> Aim of the exercise
Filter this material down to the lines that contain the string "axes", and return those lines.

> Data supplied
------------------------------------------------
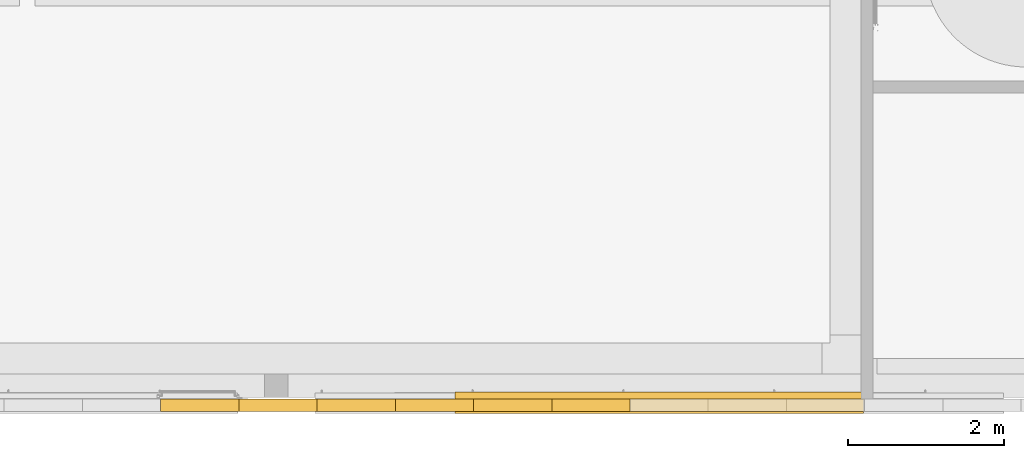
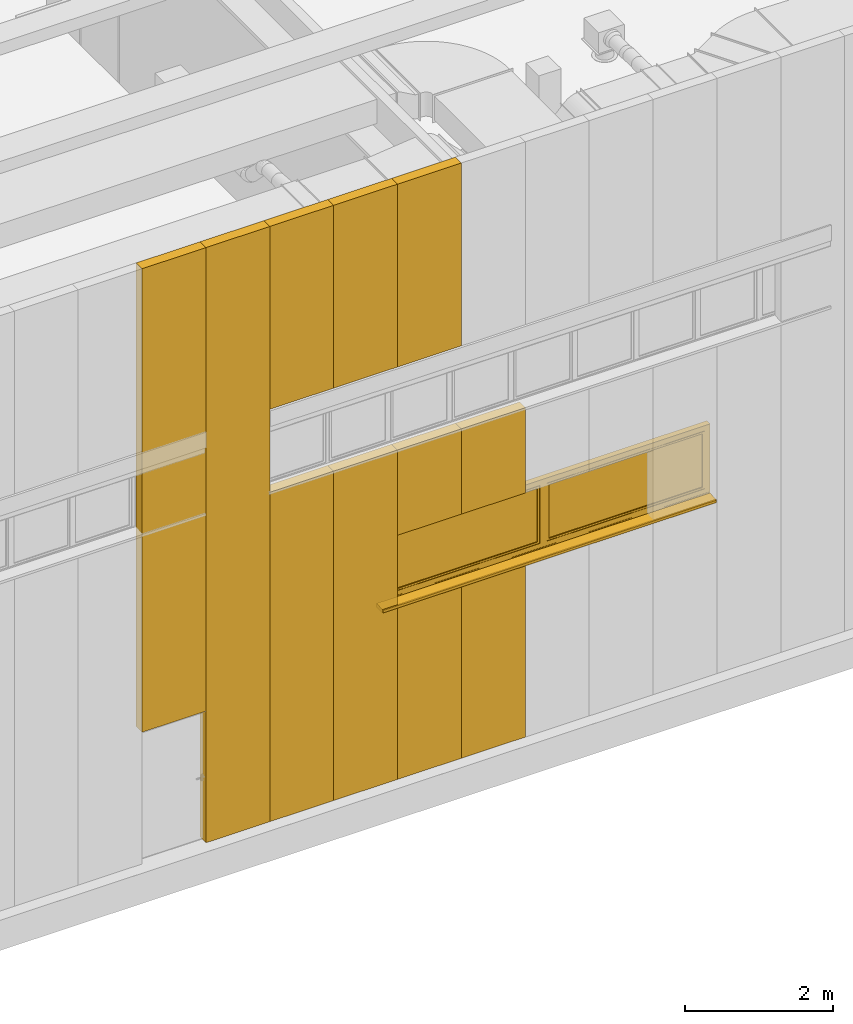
# One storey, part 223 of 302: 12 curtain walls, 1 window, 1 opening, 1 element without a shape of its own.
"""IFC2X3 building model written with IfcOpenShell, lengths in metres."""

import ifcopenshell
import ifcopenshell.guid

model = None  # the IFC model being written
_history = None  # IfcOwnerHistory: only IFC2X3 demands one
_inside = {}  # id of a spatial element -> (the spatial element, [elements in it])
_under = {}  # id of a project, library or spatial element -> (it, [spatial elements below it])
_declared = {}  # id of a project -> (the project, [libraries it declares])
_typed = {}  # id of a type object -> (the type object, [elements of that type])
_made_of = {}  # id of a material, layer set ... -> (it, [elements and type objects made of it])


def new_model(schema):
    """Start an empty IFC model of exactly this schema.

    Asked for "IFC4X3", IfcOpenShell would pick the latest addendum, in which some entities
    have other attributes; the version numbers below select the first issue.
    IFC2X3 requires an IfcOwnerHistory on every rooted entity: one is made here for all.
    """
    global model, _history
    if schema == "IFC4X3":
        model = ifcopenshell.file(schema_version=(4, 3, 0, 0))
    else:
        model = ifcopenshell.file(schema=schema)
    _inside.clear()
    _under.clear()
    _declared.clear()
    _typed.clear()
    _made_of.clear()
    _history = None
    if model.schema == "IFC2X3":
        org = make("IfcOrganization", Name="unknown")
        user = make(
            "IfcPersonAndOrganization",
            ThePerson=make("IfcPerson", FamilyName="unknown"),
            TheOrganization=org,
        )
        app = make(
            "IfcApplication",
            ApplicationDeveloper=org,
            Version="unknown",
            ApplicationFullName="unknown",
            ApplicationIdentifier="unknown",
        )
        _history = make(
            "IfcOwnerHistory",
            OwningUser=user,
            OwningApplication=app,
            ChangeAction="ADDED",
            CreationDate=0,
        )
    return model


def make(cls, **values):
    """One entity of the class cls with the attributes given. An attribute that is None is left unset."""
    return model.create_entity(
        cls, **{name: value for name, value in values.items() if value is not None}
    )


def entity(cls, *values):
    """Any entity or typed value of the class cls, its attributes in the order of the schema. None: left unset."""
    e = model.create_entity(cls)
    for i, value in enumerate(values):
        if value is not None:
            e[i] = value
    return e


def rooted(cls, **values):
    """An entity with a GlobalId (a new one), such as an element, a storey or a relation."""
    return make(cls, GlobalId=ifcopenshell.guid.new(), OwnerHistory=_history, **values)


def si_unit(unit_type, name, prefix=None):
    """IfcSIUnit, for example si_unit("LENGTHUNIT", "METRE", prefix="MILLI")."""
    return make("IfcSIUnit", UnitType=unit_type, Prefix=prefix, Name=name)


def converted_unit(unit_type, name, factor, base, dimensions=None, offset=None):
    """IfcConversionBasedUnit, such as the inch: factor (a typed value) times the base unit."""
    return make(
        "IfcConversionBasedUnit"
        if offset is None
        else "IfcConversionBasedUnitWithOffset",
        ConversionOffset=offset,
        Dimensions=None
        if dimensions is None
        else entity("IfcDimensionalExponents", *dimensions),
        UnitType=unit_type,
        Name=name,
        ConversionFactor=make(
            "IfcMeasureWithUnit", ValueComponent=factor, UnitComponent=base
        ),
    )


def derived_unit(unit_type, elements):
    """IfcDerivedUnit: a product of units, each with its exponent."""
    return make(
        "IfcDerivedUnit",
        Elements=[
            make("IfcDerivedUnitElement", Unit=unit, Exponent=power)
            for unit, power in elements
        ],
        UnitType=unit_type,
    )


def assignment(units):
    """IfcUnitAssignment: the units of a project."""
    return None if units is None else make("IfcUnitAssignment", Units=units)


def point(xyz):
    """IfcCartesianPoint."""
    return None if xyz is None else make("IfcCartesianPoint", Coordinates=xyz)


def direction(xyz):
    """IfcDirection."""
    return None if xyz is None else make("IfcDirection", DirectionRatios=xyz)


def frame(location, z_axis=None, x_axis=None):
    """IfcAxis2Placement3D, a coordinate frame: its origin and axes. An axis left out is left unset."""
    return make(
        "IfcAxis2Placement3D",
        Location=point(location),
        Axis=direction(z_axis),
        RefDirection=direction(x_axis),
    )


def frame_2d(location, x_axis=None):
    """IfcAxis2Placement2D, a coordinate frame in the plane: its origin and x axis."""
    return make(
        "IfcAxis2Placement2D", Location=point(location), RefDirection=direction(x_axis)
    )


def origin():
    """The frame at (0, 0, 0) with its axes left unset."""
    return frame((0.0, 0.0, 0.0))


def place(relative_to, where):
    """IfcLocalPlacement: puts the frame where relative to a parent placement (None: the world)."""
    return make(
        "IfcLocalPlacement", PlacementRelTo=relative_to, RelativePlacement=where
    )


def context(
    kind, dimensions, precision=None, world=None, true_north=None, identifier=None
):
    """IfcGeometricRepresentationContext, for example the 3D "Model" context."""
    return make(
        "IfcGeometricRepresentationContext",
        ContextIdentifier=identifier,
        ContextType=kind,
        CoordinateSpaceDimension=dimensions,
        Precision=precision,
        WorldCoordinateSystem=world,
        TrueNorth=true_north,
    )


def subcontext(parent, identifier, kind, view, scale=None):
    """IfcGeometricRepresentationSubContext, for example "Body" below "Model"."""
    return make(
        "IfcGeometricRepresentationSubContext",
        ContextIdentifier=identifier,
        ContextType=kind,
        ParentContext=parent,
        TargetScale=scale,
        TargetView=view,
    )


def project(units=None, contexts=None):
    """IfcProject with its units and contexts."""
    return rooted(
        "IfcProject",
        Name="project",
        RepresentationContexts=contexts,
        UnitsInContext=assignment(units),
    )


def spatial(cls, under=None, at=None, **own):
    """A site, building, storey or space (cls), placed at a placement, below another one or the project."""
    s = rooted(cls, ObjectPlacement=at, **own)
    if under is not None:
        _under.setdefault(under.id(), (under, []))[1].append(s)
    return s


def profile(cls, at=None, kind="AREA", **sizes):
    """A parametric profile (cls). Its sizes go by their IFC names, for example OverallWidth=200.0."""
    return make(cls, ProfileType=kind, Position=at, **sizes)


def rectangle(**sizes):
    """IfcRectangleProfileDef."""
    return profile("IfcRectangleProfileDef", **sizes)


def extrude(swept, where, along, depth):
    """IfcExtrudedAreaSolid: the profile swept, set in the frame where, extruded along a direction by depth."""
    return make(
        "IfcExtrudedAreaSolid",
        SweptArea=swept,
        Position=where,
        ExtrudedDirection=direction(along),
        Depth=depth,
    )


def faces_of(points, faces, orient=None, outer=None):
    """IfcFace entities. A face is a list of loops; a loop is a list of indices into points, from 0.

    orient and outer hold one flag for each loop. By default every Orientation is true, the
    first loop of a face is its IfcFaceOuterBound and the others are IfcFaceBound.
    """
    made = []
    for i, loops in enumerate(faces):
        bounds = []
        for j, loop in enumerate(loops):
            is_outer = j == 0 if outer is None else outer[i][j]
            bounds.append(
                make(
                    "IfcFaceOuterBound" if is_outer else "IfcFaceBound",
                    Bound=make("IfcPolyLoop", Polygon=[points[k] for k in loop]),
                    Orientation=True if orient is None else orient[i][j],
                )
            )
        made.append(make("IfcFace", Bounds=bounds))
    return made


def faceted_brep(points, faces, orient=None, outer=None, voids=None):
    """IfcFacetedBrep: a solid bounded by flat faces; with voids (closed shells), ...WithVoids."""
    shared = [point(p) for p in points]
    hull = make("IfcClosedShell", CfsFaces=faces_of(shared, faces, orient, outer))
    if voids is None:
        return make("IfcFacetedBrep", Outer=hull)
    return make(
        "IfcFacetedBrepWithVoids",
        Outer=hull,
        Voids=[
            make(cls, CfsFaces=faces_of(shared, fs, o, b)) for cls, fs, o, b in voids
        ],
    )


def shape(context_of_items, identifier, shape_type, items):
    """IfcShapeRepresentation: the items that make up one representation, for example the "Body"."""
    return make(
        "IfcShapeRepresentation",
        ContextOfItems=context_of_items,
        RepresentationIdentifier=identifier,
        RepresentationType=shape_type,
        Items=items,
    )


def source(mapping_origin, context_of_items, identifier, shape_type, items):
    """IfcRepresentationMap: a shape defined once, which mapped items show again and again."""
    return make(
        "IfcRepresentationMap",
        MappingOrigin=mapping_origin,
        MappedRepresentation=shape(context_of_items, identifier, shape_type, items),
    )


def transform(
    local_origin,
    x_axis=None,
    y_axis=None,
    z_axis=None,
    scale=None,
    scale2=None,
    scale3=None,
    uniform=True,
):
    """IfcCartesianTransformationOperator3D, or its non-uniform kind. x_axis, y_axis, z_axis: its Axis1, 2, 3."""
    if uniform:
        return make(
            "IfcCartesianTransformationOperator3D",
            Axis1=direction(x_axis),
            Axis2=direction(y_axis),
            LocalOrigin=point(local_origin),
            Scale=scale,
            Axis3=direction(z_axis),
        )
    return make(
        "IfcCartesianTransformationOperator3DnonUniform",
        Axis1=direction(x_axis),
        Axis2=direction(y_axis),
        LocalOrigin=point(local_origin),
        Scale=scale,
        Axis3=direction(z_axis),
        Scale2=scale2,
        Scale3=scale3,
    )


def mapped(mapping_source, mapping_target):
    """IfcMappedItem: shows the shape of a source again, moved by a transform."""
    return make(
        "IfcMappedItem", MappingSource=mapping_source, MappingTarget=mapping_target
    )


def material(Name=None, Category=None):
    """IfcMaterial."""
    return make("IfcMaterial", Name=Name, Category=Category)


def material_list(materials):
    """IfcMaterialList."""
    return make("IfcMaterialList", Materials=materials)


def layer(
    of_material, thickness, ventilated=None, Name=None, Category=None, Priority=None
):
    """IfcMaterialLayer: one layer of a wall or slab, of a material (None: an air gap)."""
    return make(
        "IfcMaterialLayer",
        Material=of_material,
        LayerThickness=thickness,
        IsVentilated=ventilated,
        Name=Name,
        Category=Category,
        Priority=Priority,
    )


def layer_set(layers, Name=None):
    """IfcMaterialLayerSet."""
    return make("IfcMaterialLayerSet", MaterialLayers=layers, LayerSetName=Name)


def layer_usage(for_layer_set, set_direction, sense, offset, extent=None):
    """IfcMaterialLayerSetUsage: how a layer set lies in its element."""
    return make(
        "IfcMaterialLayerSetUsage",
        ForLayerSet=for_layer_set,
        LayerSetDirection=set_direction,
        DirectionSense=sense,
        OffsetFromReferenceLine=offset,
        ReferenceExtent=extent,
    )


def made_of(thing, what):
    """Note that an element or type object is made of a material, layer set ...; save() writes the relation."""
    if what is not None:
        _made_of.setdefault(what.id(), (what, []))[1].append(thing)
    return thing


def type_object(cls, material=None, **own):
    """A type object (cls), such as IfcWallType, which elements share."""
    return made_of(rooted(cls, **own), material)


def type_shapes(of_type, sources):
    """Give a type object the sources (RepresentationMaps) that its elements show as mapped items."""
    of_type.RepresentationMaps = sources


def element(
    cls,
    number,
    at=None,
    inside=None,
    cuts=None,
    type_object=None,
    material=None,
    context=None,
    identifier="Body",
    shape_type=None,
    held_by="IfcProductDefinitionShape",
    body=None,
    shapes=None,
    **own,
):
    """One element of the class cls, such as IfcWall. Its Tag is "e" and its number.

    at: its placement. inside: the storey or other place that contains it. cuts: it is an
    opening in that element (IfcRelVoidsElement). A single representation is given by context,
    identifier, shape_type and body (its items); several are given by shapes. held_by: the class
    of the entity that holds the representations. save() writes the other relations.
    """
    e = rooted(cls, Tag="e%d" % number, ObjectPlacement=at, **own)
    if body is not None:
        shapes = [shape(context, identifier, shape_type, body)]
    if shapes is not None:
        e.Representation = make(held_by, Representations=shapes)
    if inside is not None:
        _inside.setdefault(inside.id(), (inside, []))[1].append(e)
    if cuts is not None:
        rooted(
            "IfcRelVoidsElement", RelatingBuildingElement=cuts, RelatedOpeningElement=e
        )
    if type_object is not None:
        _typed.setdefault(type_object.id(), (type_object, []))[1].append(e)
    return made_of(e, material)


def fill(opening, filler):
    """IfcRelFillsElement: the door or window that sits in an opening."""
    return rooted(
        "IfcRelFillsElement",
        RelatingOpeningElement=opening,
        RelatedBuildingElement=filler,
    )


def aggregate(whole, parts):
    """IfcRelAggregates: a whole, such as a stair, and the parts it consists of."""
    return rooted("IfcRelAggregates", RelatingObject=whole, RelatedObjects=parts)


def save(model, path):
    """Write the relations noted so far, then the file.

    IfcRelAggregates (storeys below a building ...), IfcRelContainedInSpatialStructure (elements
    in a storey), IfcRelDefinesByType, IfcRelAssociatesMaterial and IfcRelDeclares: one each for
    every whole, place, type object, material and project.
    """
    for whole, parts in _under.values():
        aggregate(whole, parts)
    for where, things in _inside.values():
        rooted(
            "IfcRelContainedInSpatialStructure",
            RelatedElements=things,
            RelatingStructure=where,
        )
    for kind, things in _typed.values():
        rooted("IfcRelDefinesByType", RelatedObjects=things, RelatingType=kind)
    for what, things in _made_of.values():
        rooted("IfcRelAssociatesMaterial", RelatedObjects=things, RelatingMaterial=what)
    for by, libraries in _declared.values():
        rooted("IfcRelDeclares", RelatingContext=by, RelatedDefinitions=libraries)
    model.write(path)


model = new_model("IFC2X3")

# Units and contexts
model_context = context("Model", 3, precision=1e-05, world=origin(), true_north=direction((6.12303176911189e-17, 1.0)))
body_context = subcontext(model_context, "Body", "Model", "MODEL_VIEW")
ifc_project = project(units=[si_unit("LENGTHUNIT", "METRE"), si_unit("AREAUNIT", "SQUARE_METRE"), si_unit("VOLUMEUNIT", "CUBIC_METRE"), converted_unit("PLANEANGLEUNIT", "DEGREE", entity("IfcRatioMeasure", 0.0174532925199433), si_unit("PLANEANGLEUNIT", "RADIAN"), dimensions=[0, 0, 0, 0, 0, 0, 0]), si_unit("MASSUNIT", "GRAM", prefix="KILO"), derived_unit("MASSDENSITYUNIT", [(si_unit("MASSUNIT", "GRAM", prefix="KILO"), 1), (si_unit("LENGTHUNIT", "METRE"), -3)]), derived_unit("MOMENTOFINERTIAUNIT", [(si_unit("LENGTHUNIT", "METRE"), 4)]), si_unit("TIMEUNIT", "SECOND"), si_unit("FREQUENCYUNIT", "HERTZ"), si_unit("THERMODYNAMICTEMPERATUREUNIT", "DEGREE_CELSIUS"), derived_unit("THERMALTRANSMITTANCEUNIT", [(si_unit("MASSUNIT", "GRAM", prefix="KILO"), 1), (si_unit("THERMODYNAMICTEMPERATUREUNIT", "KELVIN"), -1), (si_unit("TIMEUNIT", "SECOND"), -3)]), derived_unit("VOLUMETRICFLOWRATEUNIT", [(si_unit("LENGTHUNIT", "METRE"), 3), (si_unit("TIMEUNIT", "SECOND"), -1)]), si_unit("ELECTRICCURRENTUNIT", "AMPERE"), si_unit("ELECTRICVOLTAGEUNIT", "VOLT"), si_unit("POWERUNIT", "WATT"), si_unit("FORCEUNIT", "NEWTON", prefix="KILO"), si_unit("ILLUMINANCEUNIT", "LUX"), si_unit("LUMINOUSFLUXUNIT", "LUMEN"), si_unit("LUMINOUSINTENSITYUNIT", "CANDELA"), derived_unit("USERDEFINED", [(si_unit("MASSUNIT", "GRAM", prefix="KILO"), -1), (si_unit("LENGTHUNIT", "METRE"), -2), (si_unit("TIMEUNIT", "SECOND"), 3), (si_unit("LUMINOUSFLUXUNIT", "LUMEN"), 1)]), derived_unit("LINEARVELOCITYUNIT", [(si_unit("LENGTHUNIT", "METRE"), 1), (si_unit("TIMEUNIT", "SECOND"), -1)]), si_unit("PRESSUREUNIT", "PASCAL"), derived_unit("USERDEFINED", [(si_unit("LENGTHUNIT", "METRE"), -2), (si_unit("MASSUNIT", "GRAM", prefix="KILO"), 1), (si_unit("TIMEUNIT", "SECOND"), -2)]), derived_unit("LINEARFORCEUNIT", [(si_unit("MASSUNIT", "GRAM", prefix="KILO"), 1), (si_unit("LENGTHUNIT", "METRE"), 1), (si_unit("TIMEUNIT", "SECOND"), -2), (si_unit("LENGTHUNIT", "METRE"), -1)]), derived_unit("PLANARFORCEUNIT", [(si_unit("MASSUNIT", "GRAM", prefix="KILO"), 1), (si_unit("LENGTHUNIT", "METRE"), 1), (si_unit("TIMEUNIT", "SECOND"), -2), (si_unit("LENGTHUNIT", "METRE"), -2)])], contexts=[model_context])

# Site, building, storey
site_placement = place(None, origin())
site = spatial("IfcSite", under=ifc_project, at=site_placement, Name="Default", CompositionType="ELEMENT")
building_placement = place(site_placement, origin())
building = spatial("IfcBuilding", under=site, at=building_placement, CompositionType="ELEMENT")
storey_placement = place(building_placement, frame((0.0, 0.0, -1.3)))
storey = spatial("IfcBuildingStorey", under=building, at=storey_placement, Name="00_EG", CompositionType="ELEMENT", Elevation=-1.3)

# Curtain walls, opening, window
curtain_wall_type_1 = type_object("IfcCurtainWallType", Name="Fassade:Sandwichpaneele 16cm", PredefinedType="NOTDEFINED")
curtain_wall_1_placement = place(storey_placement, frame((0.0, 0.0, 1.3)))
curtain_wall_1 = element("IfcCurtainWall", 1, at=curtain_wall_1_placement, inside=storey, type_object=curtain_wall_type_1, Name="Fassade:Sandwichpaneele 16cm", ObjectType="Fassade:Sandwichpaneele 16cm")
ifc_material_1 = material(Name="Prepainted_Steel-ArcelorMittal_Construction_HAIRULTRA-35-CORAL-4309-[RAL_3000]")
ifc_layer_1 = layer(ifc_material_1, 0.015)
ifc_material_2 = material(Name="ArcelorMittal-MineralWool")
ifc_layer_2 = layer(ifc_material_2, 0.13)
ifc_material_3 = material(Name="Prepainted_Steel-ArcelorMittal_Construction_INTÉRIEUR-12-WHITE-912")
ifc_layer_3 = layer(ifc_material_3, 0.015)
ifc_layer_set = layer_set([ifc_layer_1, ifc_layer_2, ifc_layer_3], Name="Fassade:Sandwichpaneele 16cm")
ifc_layer_usage_1 = layer_usage(ifc_layer_set, "AXIS2", "POSITIVE", -0.08)
curtain_wall_type_2 = type_object("IfcCurtainWallType", Name="Basiswand:Sandwichpaneele d = 16cm aussen", PredefinedType="NOTDEFINED", material=ifc_layer_set)
curtain_wall_2_placement = place(storey_placement, frame((-226.840111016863, 14.898088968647, 1.27)))
curtain_wall_2 = element("IfcCurtainWall", 2, at=curtain_wall_2_placement, type_object=curtain_wall_type_2, material=ifc_layer_usage_1, Name="Basiswand:Sandwichpaneele d = 16cm aussen", ObjectType="Basiswand:Sandwichpaneele d = 16cm aussen", context=body_context, shape_type="SweptSolid", body=[
    extrude(rectangle(XDim=1.00000000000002, YDim=0.159999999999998, at=frame_2d((0.500000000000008, 0.0), x_axis=(-1.0, 0.0))), origin(), (0.0, 0.0, 1.0), 5.44999999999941),
])
ifc_layer_usage_2 = layer_usage(ifc_layer_set, "AXIS2", "POSITIVE", -0.08)
curtain_wall_3_placement = place(storey_placement, frame((-225.840111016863, 14.898088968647, 1.27)))
curtain_wall_3 = element("IfcCurtainWall", 3, at=curtain_wall_3_placement, type_object=curtain_wall_type_2, material=ifc_layer_usage_2, Name="Basiswand:Sandwichpaneele d = 16cm aussen", ObjectType="Basiswand:Sandwichpaneele d = 16cm aussen", context=body_context, shape_type="SweptSolid", body=[
    extrude(rectangle(XDim=0.999999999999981, YDim=0.159999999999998, at=frame_2d((0.49999999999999, 0.0), x_axis=(-1.0, 0.0))), origin(), (0.0, 0.0, 1.0), 5.44999999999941),
])
ifc_layer_usage_3 = layer_usage(ifc_layer_set, "AXIS2", "POSITIVE", -0.08)
curtain_wall_4_placement = place(storey_placement, frame((-224.840111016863, 14.898088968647, 1.27)))
curtain_wall_4 = element("IfcCurtainWall", 4, at=curtain_wall_4_placement, type_object=curtain_wall_type_2, material=ifc_layer_usage_3, Name="Basiswand:Sandwichpaneele d = 16cm aussen", ObjectType="Basiswand:Sandwichpaneele d = 16cm aussen", context=body_context, shape_type="SweptSolid", body=[
    extrude(rectangle(XDim=0.999999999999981, YDim=0.159999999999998, at=frame_2d((0.49999999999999, 0.0), x_axis=(-1.0, 0.0))), origin(), (0.0, 0.0, 1.0), 2.83599999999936),
])
ifc_layer_usage_4 = layer_usage(ifc_layer_set, "AXIS2", "POSITIVE", -0.08)
curtain_wall_5_placement = place(storey_placement, frame((-223.840111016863, 14.898088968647, 1.27)))
curtain_wall_5 = element("IfcCurtainWall", 5, at=curtain_wall_5_placement, type_object=curtain_wall_type_2, material=ifc_layer_usage_4, Name="Basiswand:Sandwichpaneele d = 16cm aussen", ObjectType="Basiswand:Sandwichpaneele d = 16cm aussen", context=body_context, shape_type="SweptSolid", body=[
    extrude(rectangle(XDim=1.00000000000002, YDim=0.159999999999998, at=frame_2d((0.500000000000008, 0.0), x_axis=(-1.0, 0.0))), origin(), (0.0, 0.0, 1.0), 2.83599999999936),
])
ifc_layer_usage_5 = layer_usage(ifc_layer_set, "AXIS2", "POSITIVE", -0.08)
curtain_wall_6_placement = place(storey_placement, frame((-227.840111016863, 14.898088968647, 1.27)))
curtain_wall_6 = element("IfcCurtainWall", 6, at=curtain_wall_6_placement, type_object=curtain_wall_type_2, material=ifc_layer_usage_5, Name="Basiswand:Sandwichpaneele d = 16cm aussen", ObjectType="Basiswand:Sandwichpaneele d = 16cm aussen", context=body_context, shape_type="SweptSolid", body=[
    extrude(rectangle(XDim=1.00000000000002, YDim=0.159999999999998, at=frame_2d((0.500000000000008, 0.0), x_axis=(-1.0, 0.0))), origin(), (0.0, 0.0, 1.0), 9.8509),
------------------------------------------------
> Exercise answer
    """IfcAxis2Placement3D, a coordinate frame: its origin and axes. An axis left out is left unset."""
    """The frame at (0, 0, 0) with its axes left unset."""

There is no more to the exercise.